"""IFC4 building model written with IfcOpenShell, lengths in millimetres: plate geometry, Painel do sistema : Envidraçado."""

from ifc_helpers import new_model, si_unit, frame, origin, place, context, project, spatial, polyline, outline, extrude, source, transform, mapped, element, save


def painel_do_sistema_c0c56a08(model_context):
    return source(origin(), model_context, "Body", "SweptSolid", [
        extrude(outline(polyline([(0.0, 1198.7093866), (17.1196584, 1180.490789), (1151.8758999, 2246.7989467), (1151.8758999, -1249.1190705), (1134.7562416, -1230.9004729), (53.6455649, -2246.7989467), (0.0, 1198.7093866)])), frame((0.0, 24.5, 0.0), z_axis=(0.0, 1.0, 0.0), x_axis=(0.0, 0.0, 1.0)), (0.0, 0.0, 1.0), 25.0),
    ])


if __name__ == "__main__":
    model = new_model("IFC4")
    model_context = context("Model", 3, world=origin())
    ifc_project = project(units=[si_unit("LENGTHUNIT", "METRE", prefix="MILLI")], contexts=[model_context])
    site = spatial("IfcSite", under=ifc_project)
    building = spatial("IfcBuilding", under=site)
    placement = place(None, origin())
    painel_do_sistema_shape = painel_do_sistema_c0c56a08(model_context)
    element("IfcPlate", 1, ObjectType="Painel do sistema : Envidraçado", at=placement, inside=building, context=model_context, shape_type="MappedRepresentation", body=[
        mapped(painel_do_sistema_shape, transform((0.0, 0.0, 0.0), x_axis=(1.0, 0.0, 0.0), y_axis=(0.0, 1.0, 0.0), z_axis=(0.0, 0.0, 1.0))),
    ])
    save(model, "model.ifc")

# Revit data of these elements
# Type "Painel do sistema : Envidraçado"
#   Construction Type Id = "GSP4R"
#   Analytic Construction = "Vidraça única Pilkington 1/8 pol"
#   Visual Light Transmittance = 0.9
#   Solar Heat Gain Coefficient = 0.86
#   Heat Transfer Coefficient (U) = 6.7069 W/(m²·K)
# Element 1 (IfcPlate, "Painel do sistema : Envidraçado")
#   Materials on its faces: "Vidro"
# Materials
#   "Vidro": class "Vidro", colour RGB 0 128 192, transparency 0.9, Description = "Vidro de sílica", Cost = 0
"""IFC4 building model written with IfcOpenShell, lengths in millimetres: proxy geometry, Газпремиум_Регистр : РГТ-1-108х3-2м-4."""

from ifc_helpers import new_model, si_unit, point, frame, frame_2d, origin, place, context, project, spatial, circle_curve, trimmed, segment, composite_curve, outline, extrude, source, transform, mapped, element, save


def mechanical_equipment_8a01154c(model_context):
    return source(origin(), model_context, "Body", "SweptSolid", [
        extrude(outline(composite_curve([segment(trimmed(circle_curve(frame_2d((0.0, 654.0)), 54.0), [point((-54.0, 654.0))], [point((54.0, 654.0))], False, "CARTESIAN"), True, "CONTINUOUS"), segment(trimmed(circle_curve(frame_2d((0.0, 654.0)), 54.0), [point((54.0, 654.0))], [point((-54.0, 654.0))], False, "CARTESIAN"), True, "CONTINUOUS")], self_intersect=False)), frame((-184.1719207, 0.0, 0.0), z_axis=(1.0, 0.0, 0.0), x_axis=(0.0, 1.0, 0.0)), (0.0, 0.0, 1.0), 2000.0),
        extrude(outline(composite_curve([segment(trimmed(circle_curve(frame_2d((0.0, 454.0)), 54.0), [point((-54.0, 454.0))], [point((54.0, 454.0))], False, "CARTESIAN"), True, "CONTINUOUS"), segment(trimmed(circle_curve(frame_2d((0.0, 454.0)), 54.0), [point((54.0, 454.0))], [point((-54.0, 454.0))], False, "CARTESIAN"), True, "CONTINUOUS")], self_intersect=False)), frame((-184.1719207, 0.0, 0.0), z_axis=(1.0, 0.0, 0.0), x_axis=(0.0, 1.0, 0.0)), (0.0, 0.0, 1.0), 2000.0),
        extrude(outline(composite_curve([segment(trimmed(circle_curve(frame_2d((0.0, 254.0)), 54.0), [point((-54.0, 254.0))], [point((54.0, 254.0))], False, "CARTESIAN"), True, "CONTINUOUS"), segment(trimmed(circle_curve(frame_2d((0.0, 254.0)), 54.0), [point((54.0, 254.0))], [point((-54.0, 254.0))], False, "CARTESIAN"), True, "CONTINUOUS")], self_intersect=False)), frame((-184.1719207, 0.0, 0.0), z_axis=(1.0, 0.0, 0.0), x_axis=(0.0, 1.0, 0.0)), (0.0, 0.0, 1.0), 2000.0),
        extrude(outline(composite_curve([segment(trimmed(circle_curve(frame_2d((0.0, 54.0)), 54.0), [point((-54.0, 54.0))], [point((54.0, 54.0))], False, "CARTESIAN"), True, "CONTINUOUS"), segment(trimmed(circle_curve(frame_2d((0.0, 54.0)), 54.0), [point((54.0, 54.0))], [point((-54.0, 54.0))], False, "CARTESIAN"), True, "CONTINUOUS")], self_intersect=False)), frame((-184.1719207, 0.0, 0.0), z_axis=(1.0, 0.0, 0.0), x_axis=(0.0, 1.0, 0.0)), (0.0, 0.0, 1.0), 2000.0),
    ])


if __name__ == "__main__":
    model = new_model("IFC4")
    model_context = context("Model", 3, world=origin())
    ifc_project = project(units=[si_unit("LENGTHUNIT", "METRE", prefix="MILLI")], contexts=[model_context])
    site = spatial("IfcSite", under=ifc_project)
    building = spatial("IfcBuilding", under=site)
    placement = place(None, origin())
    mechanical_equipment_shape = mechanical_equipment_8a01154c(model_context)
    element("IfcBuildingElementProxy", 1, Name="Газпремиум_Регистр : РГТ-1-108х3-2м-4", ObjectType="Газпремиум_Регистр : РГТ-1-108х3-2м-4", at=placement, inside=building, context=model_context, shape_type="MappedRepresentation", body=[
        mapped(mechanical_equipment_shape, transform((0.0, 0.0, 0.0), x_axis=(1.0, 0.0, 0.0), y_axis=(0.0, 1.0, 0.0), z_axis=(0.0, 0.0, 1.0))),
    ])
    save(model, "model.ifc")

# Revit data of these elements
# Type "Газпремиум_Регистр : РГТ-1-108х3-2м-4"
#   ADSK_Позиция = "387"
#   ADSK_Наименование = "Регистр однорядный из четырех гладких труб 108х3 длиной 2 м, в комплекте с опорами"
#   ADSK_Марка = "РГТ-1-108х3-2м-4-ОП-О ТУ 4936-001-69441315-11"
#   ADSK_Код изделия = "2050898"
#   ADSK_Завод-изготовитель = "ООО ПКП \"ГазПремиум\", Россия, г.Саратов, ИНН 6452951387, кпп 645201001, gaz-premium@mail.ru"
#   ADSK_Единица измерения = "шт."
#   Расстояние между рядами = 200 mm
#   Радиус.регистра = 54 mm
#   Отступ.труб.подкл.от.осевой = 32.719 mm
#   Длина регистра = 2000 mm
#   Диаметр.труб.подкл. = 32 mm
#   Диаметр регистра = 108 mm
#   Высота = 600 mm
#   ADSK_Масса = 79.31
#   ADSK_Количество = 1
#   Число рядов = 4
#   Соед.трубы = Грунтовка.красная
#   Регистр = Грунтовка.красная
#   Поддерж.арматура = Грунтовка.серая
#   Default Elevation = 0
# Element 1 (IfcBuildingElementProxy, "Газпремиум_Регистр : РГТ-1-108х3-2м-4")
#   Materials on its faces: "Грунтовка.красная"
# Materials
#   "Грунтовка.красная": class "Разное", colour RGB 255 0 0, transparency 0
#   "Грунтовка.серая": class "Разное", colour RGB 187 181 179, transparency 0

● ● ●

WHAT YOU SHOULD DO » All of the material above should be restated verbatim.

RESPONSE BOX »
"""IFC4 building model written with IfcOpenShell, lengths in millimetres: plate geometry, Painel do sistema : Envidraçado."""

from ifc_helpers import new_model, si_unit, frame, origin, place, context, project, spatial, polyline, outline, extrude, source, transform, mapped, element, save


def painel_do_sistema_c0c56a08(model_context):
    return source(origin(), model_context, "Body", "SweptSolid", [
        extrude(outline(polyline([(0.0, 1198.7093866), (17.1196584, 1180.490789), (1151.8758999, 2246.7989467), (1151.8758999, -1249.1190705), (1134.7562416, -1230.9004729), (53.6455649, -2246.7989467), (0.0, 1198.7093866)])), frame((0.0, 24.5, 0.0), z_axis=(0.0, 1.0, 0.0), x_axis=(0.0, 0.0, 1.0)), (0.0, 0.0, 1.0), 25.0),
    ])


if __name__ == "__main__":
    model = new_model("IFC4")
    model_context = context("Model", 3, world=origin())
    ifc_project = project(units=[si_unit("LENGTHUNIT", "METRE", prefix="MILLI")], contexts=[model_context])
    site = spatial("IfcSite", under=ifc_project)
    building = spatial("IfcBuilding", under=site)
    placement = place(None, origin())
    painel_do_sistema_shape = painel_do_sistema_c0c56a08(model_context)
    element("IfcPlate", 1, ObjectType="Painel do sistema : Envidraçado", at=placement, inside=building, context=model_context, shape_type="MappedRepresentation", body=[
        mapped(painel_do_sistema_shape, transform((0.0, 0.0, 0.0), x_axis=(1.0, 0.0, 0.0), y_axis=(0.0, 1.0, 0.0), z_axis=(0.0, 0.0, 1.0))),
    ])
    save(model, "model.ifc")

# Revit data of these elements
# Type "Painel do sistema : Envidraçado"
#   Construction Type Id = "GSP4R"
#   Analytic Construction = "Vidraça única Pilkington 1/8 pol"
#   Visual Light Transmittance = 0.9
#   Solar Heat Gain Coefficient = 0.86
#   Heat Transfer Coefficient (U) = 6.7069 W/(m²·K)
# Element 1 (IfcPlate, "Painel do sistema : Envidraçado")
#   Materials on its faces: "Vidro"
# Materials
#   "Vidro": class "Vidro", colour RGB 0 128 192, transparency 0.9, Description = "Vidro de sílica", Cost = 0
"""IFC4 building model written with IfcOpenShell, lengths in millimetres: proxy geometry, Газпремиум_Регистр : РГТ-1-108х3-2м-4."""

from ifc_helpers import new_model, si_unit, point, frame, frame_2d, origin, place, context, project, spatial, circle_curve, trimmed, segment, composite_curve, outline, extrude, source, transform, mapped, element, save


def mechanical_equipment_8a01154c(model_context):
    return source(origin(), model_context, "Body", "SweptSolid", [
        extrude(outline(composite_curve([segment(trimmed(circle_curve(frame_2d((0.0, 654.0)), 54.0), [point((-54.0, 654.0))], [point((54.0, 654.0))], False, "CARTESIAN"), True, "CONTINUOUS"), segment(trimmed(circle_curve(frame_2d((0.0, 654.0)), 54.0), [point((54.0, 654.0))], [point((-54.0, 654.0))], False, "CARTESIAN"), True, "CONTINUOUS")], self_intersect=False)), frame((-184.1719207, 0.0, 0.0), z_axis=(1.0, 0.0, 0.0), x_axis=(0.0, 1.0, 0.0)), (0.0, 0.0, 1.0), 2000.0),
        extrude(outline(composite_curve([segment(trimmed(circle_curve(frame_2d((0.0, 454.0)), 54.0), [point((-54.0, 454.0))], [point((54.0, 454.0))], False, "CARTESIAN"), True, "CONTINUOUS"), segment(trimmed(circle_curve(frame_2d((0.0, 454.0)), 54.0), [point((54.0, 454.0))], [point((-54.0, 454.0))], False, "CARTESIAN"), True, "CONTINUOUS")], self_intersect=False)), frame((-184.1719207, 0.0, 0.0), z_axis=(1.0, 0.0, 0.0), x_axis=(0.0, 1.0, 0.0)), (0.0, 0.0, 1.0), 2000.0),
        extrude(outline(composite_curve([segment(trimmed(circle_curve(frame_2d((0.0, 254.0)), 54.0), [point((-54.0, 254.0))], [point((54.0, 254.0))], False, "CARTESIAN"), True, "CONTINUOUS"), segment(trimmed(circle_curve(frame_2d((0.0, 254.0)), 54.0), [point((54.0, 254.0))], [point((-54.0, 254.0))], False, "CARTESIAN"), True, "CONTINUOUS")], self_intersect=False)), frame((-184.1719207, 0.0, 0.0), z_axis=(1.0, 0.0, 0.0), x_axis=(0.0, 1.0, 0.0)), (0.0, 0.0, 1.0), 2000.0),
        extrude(outline(composite_curve([segment(trimmed(circle_curve(frame_2d((0.0, 54.0)), 54.0), [point((-54.0, 54.0))], [point((54.0, 54.0))], False, "CARTESIAN"), True, "CONTINUOUS"), segment(trimmed(circle_curve(frame_2d((0.0, 54.0)), 54.0), [point((54.0, 54.0))], [point((-54.0, 54.0))], False, "CARTESIAN"), True, "CONTINUOUS")], self_intersect=False)), frame((-184.1719207, 0.0, 0.0), z_axis=(1.0, 0.0, 0.0), x_axis=(0.0, 1.0, 0.0)), (0.0, 0.0, 1.0), 2000.0),
    ])


if __name__ == "__main__":
    model = new_model("IFC4")
    model_context = context("Model", 3, world=origin())
    ifc_project = project(units=[si_unit("LENGTHUNIT", "METRE", prefix="MILLI")], contexts=[model_context])
    site = spatial("IfcSite", under=ifc_project)
    building = spatial("IfcBuilding", under=site)
    placement = place(None, origin())
    mechanical_equipment_shape = mechanical_equipment_8a01154c(model_context)
    element("IfcBuildingElementProxy", 1, Name="Газпремиум_Регистр : РГТ-1-108х3-2м-4", ObjectType="Газпремиум_Регистр : РГТ-1-108х3-2м-4", at=placement, inside=building, context=model_context, shape_type="MappedRepresentation", body=[
        mapped(mechanical_equipment_shape, transform((0.0, 0.0, 0.0), x_axis=(1.0, 0.0, 0.0), y_axis=(0.0, 1.0, 0.0), z_axis=(0.0, 0.0, 1.0))),
    ])
    save(model, "model.ifc")

# Revit data of these elements
# Type "Газпремиум_Регистр : РГТ-1-108х3-2м-4"
#   ADSK_Позиция = "387"
#   ADSK_Наименование = "Регистр однорядный из четырех гладких труб 108х3 длиной 2 м, в комплекте с опорами"
#   ADSK_Марка = "РГТ-1-108х3-2м-4-ОП-О ТУ 4936-001-69441315-11"
#   ADSK_Код изделия = "2050898"
#   ADSK_Завод-изготовитель = "ООО ПКП \"ГазПремиум\", Россия, г.Саратов, ИНН 6452951387, кпп 645201001, gaz-premium@mail.ru"
#   ADSK_Единица измерения = "шт."
#   Расстояние между рядами = 200 mm
#   Радиус.регистра = 54 mm
#   Отступ.труб.подкл.от.осевой = 32.719 mm
#   Длина регистра = 2000 mm
#   Диаметр.труб.подкл. = 32 mm
#   Диаметр регистра = 108 mm
#   Высота = 600 mm
#   ADSK_Масса = 79.31
#   ADSK_Количество = 1
#   Число рядов = 4
#   Соед.трубы = Грунтовка.красная
#   Регистр = Грунтовка.красная
#   Поддерж.арматура = Грунтовка.серая
#   Default Elevation = 0
# Element 1 (IfcBuildingElementProxy, "Газпремиум_Регистр : РГТ-1-108х3-2м-4")
#   Materials on its faces: "Грунтовка.красная"
# Materials
#   "Грунтовка.красная": class "Разное", colour RGB 255 0 0, transparency 0
#   "Грунтовка.серая": class "Разное", colour RGB 187 181 179, transparency 0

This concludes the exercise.